But the poll also shows broad support for continued deficit reduction, with 53 percent saying they prefer Washington to move ahead with the current sequester cuts or a plan that would cut more deeply. Thirty-nine percent want a plan with more cuts, 14 percent support the current automatic cuts, and 37 percent say they would prefer a plan with fewer cuts.

The poll’s findings come as Washington remains at an impasse over a solution to avert the automatic cuts.

Obama on Tuesday warned that the sequester would be a “self-inflicted” wound to the nation’s economy, and pressed the GOP to accept a plan including both spending cuts and tax hikes to replace the automatic budget ax.

The White House has launched an aggressive public campaign to rally public support for its stance, warning of the real-world fallout if the cuts take effect.

Republicans, though, have said they will only accept targeted spending cuts and entitlement reforms to replace the sequester.

Speaker John Boehner (R-Ohio) has said the onus is on the Senate to act, pointing to two bills the House GOP passed last session to replace the sequester.

The Senate is slated to vote on two competing Democratic and Republican proposals this week, but neither bill is expected to pass.

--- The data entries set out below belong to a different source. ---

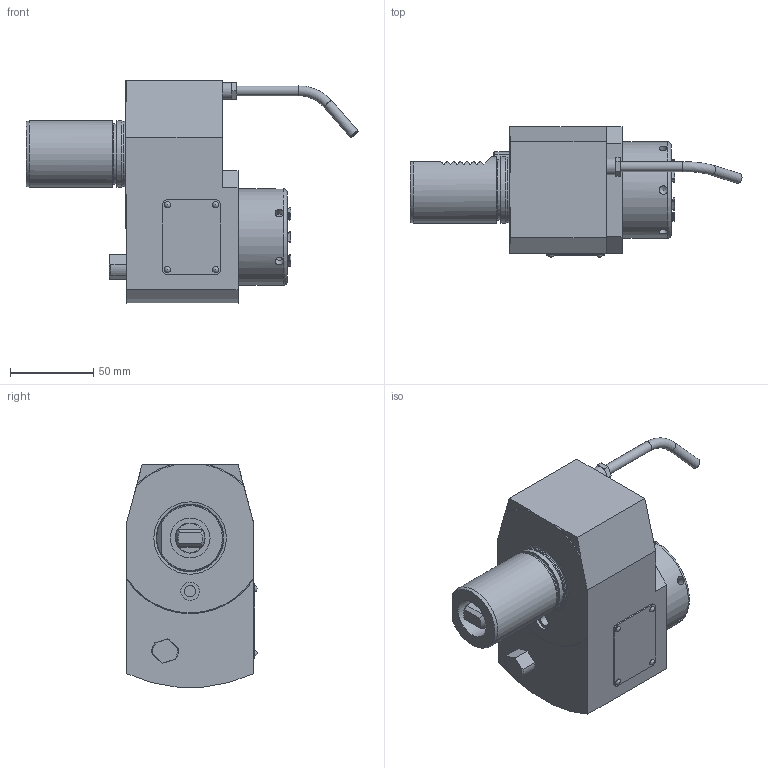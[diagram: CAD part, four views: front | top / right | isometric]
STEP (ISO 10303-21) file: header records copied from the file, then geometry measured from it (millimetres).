
FILE_DESCRIPTION(/* description */ (''),/* implementation_level */ '2;1');
FILE_NAME(/* name */ '192490',/* time_stamp */ '2018-09-13T09:59:03+02:00',/* author */ (''),/* organization */ (''),/* preprocessor_version */ 'ST-DEVELOPER v16.5',/* originating_system */ 'HiCAD 2017 2201.0 Build 268',/* authorisation */ '');
FILE_SCHEMA (('AUTOMOTIVE_DESIGN { 1 0 10303 214 1 1 1 1 }'));
Length unit declared in the file: millimetre
Products named in the file (13): Root; Leeres Teil; 112485_Überwurfschraube_351*; TORUS_1_353*; 00011481_370*; 113692_Kerbnagel 2x4_380*; 112977_Spannmutter ER32 HI_QERAX_350*; 003_000X; ROTATIONSTEIL_0_104; ROTATIONSTEIL_1_102*
Assembly tree (12 placements, depth 4):
  Root
    Leeres Teil
      112485_Überwurfschraube_351*
      TORUS_1_353*
      00011481_370*
      113692_Kerbnagel 2x4_380*
      113692_Kerbnagel 2x4_380*
      113692_Kerbnagel 2x4_380*
      113692_Kerbnagel 2x4_380*
      112977_Spannmutter ER32 HI_QERAX_350*
        003_000X
      ROTATIONSTEIL_0_104
      ROTATIONSTEIL_1_102*
Bounding box: 199.67 x 78.3 x 133.66 mm (x, y, z)
Volume: 751335 mm3; surface area: 88652.9 mm2
Topology: 11 solids, 14 shells, 359 faces, 921 edges, 601 vertices
Faces by surface type: plane 175, cylinder 127, cone 32, torus 21, sphere 4
Full cylindrical faces by diameter (mm): 2 x4, 2.2 x4, 4 x2, 5.1 x6, 6 x3, 6.8 x1, 9 x1, 10 x1, 11.1 x1, 14 x1, 18 x1, 20 x1, 23.5 x1, 24 x1, 27 x1, 29 x1, 36.5 x1, 38.5 x1, 39.4 x1, 40 x3, 40.5 x1, 50 x1, 58 x1
Entity records: 16724 total; most frequent: CARTESIAN_POINT 8426, DIRECTION 1768, ORIENTED_EDGE 1618, EDGE_CURVE 809, AXIS2_PLACEMENT_3D 720, VERTEX_POINT 571, FACE_BOUND 472, EDGE_LOOP 465
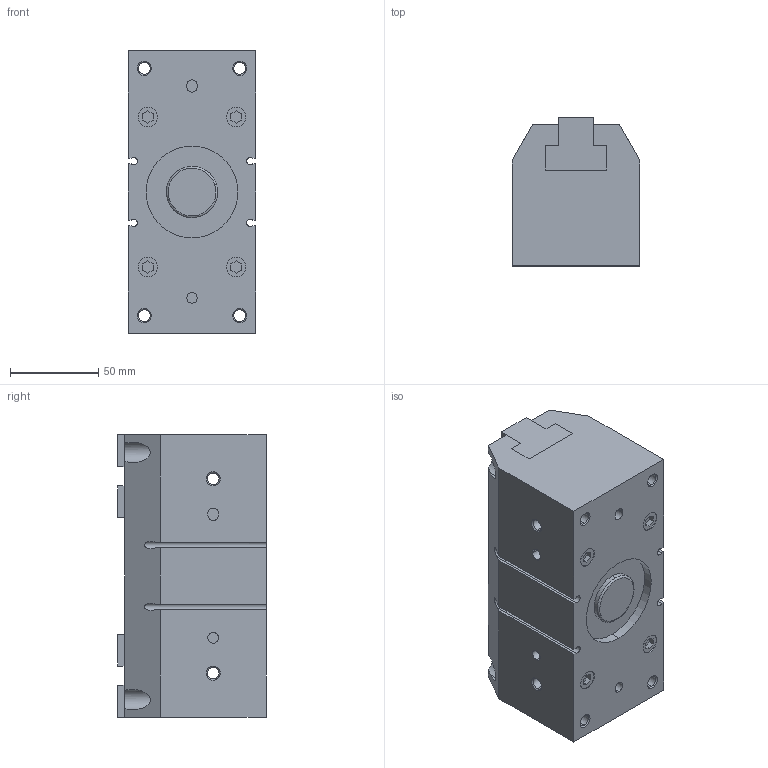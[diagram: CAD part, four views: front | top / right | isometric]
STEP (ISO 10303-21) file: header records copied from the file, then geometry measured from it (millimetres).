
FILE_DESCRIPTION (( 'STEP AP203' ), '1' );
FILE_NAME ('SDW63_0_.STEP', '2022-10-17T02:00:44', ( '' ), ( '' ), 'SwSTEP 2.0', 'SolidWorks 2018', '' );
FILE_SCHEMA (( 'CONFIG_CONTROL_DESIGN' ));
Length unit declared in the file: millimetre
Products named in the file (3): SDW63-01; SDW63-06; SDW63_0_
Assembly tree (3 placements, depth 2):
  SDW63_0_
    SDW63-01  x2
    SDW63-06
Bounding box: 72 x 84 x 160 mm (x, y, z)
Volume: 851158.7 mm3; surface area: 96051.4 mm2
Topology: 3 solids, 3 shells, 250 faces, 612 edges, 400 vertices
Faces by surface type: plane 152, cylinder 72, cone 24, torus 2
Entity records: 7025 total; most frequent: CARTESIAN_POINT 1276, DIRECTION 1140, ORIENTED_EDGE 1100, EDGE_CURVE 550, VECTOR 384, LINE 384, AXIS2_PLACEMENT_3D 378, VERTEX_POINT 360

On Tuesday, Boehner said it was unlikely that a deal would be reached.

But as both sides seek to lay the blame for the impending cuts on each other, the NBC/WSJ poll shows Obama in a stronger political position than the GOP.

Twenty-nine percent surveyed said they support “most” of what congressional Republicans have proposed, with 57 percent disagreeing with that agenda. By contrast, 45 percent support Obama’s policy proposals, with 46 percent disapproving.

Respondents also viewed the GOP as more partisan than the president, with 48 percent saying Obama was interested in unity, to 43 percent who said he is adopting a partisan approach.

Sixty-four percent said Republicans are taking a partisan approach, with 22 percent saying they were focused on unity.

The president’s overall approval rating is at 50 percent, a slight drop of 2 points from the same poll taken in January. Forty-five percent disapprove of Obama’s job performance.

But voters are also dissatisfied with Obama’s handling of the economy, with 51 disapproving of his job to 44 percent approving, highlighting uncertainty about the sequester's likely impact on the recovery.

The NBC/WSJ poll was conducted from Feb. 21 to 24 and has a 3-point margin of error.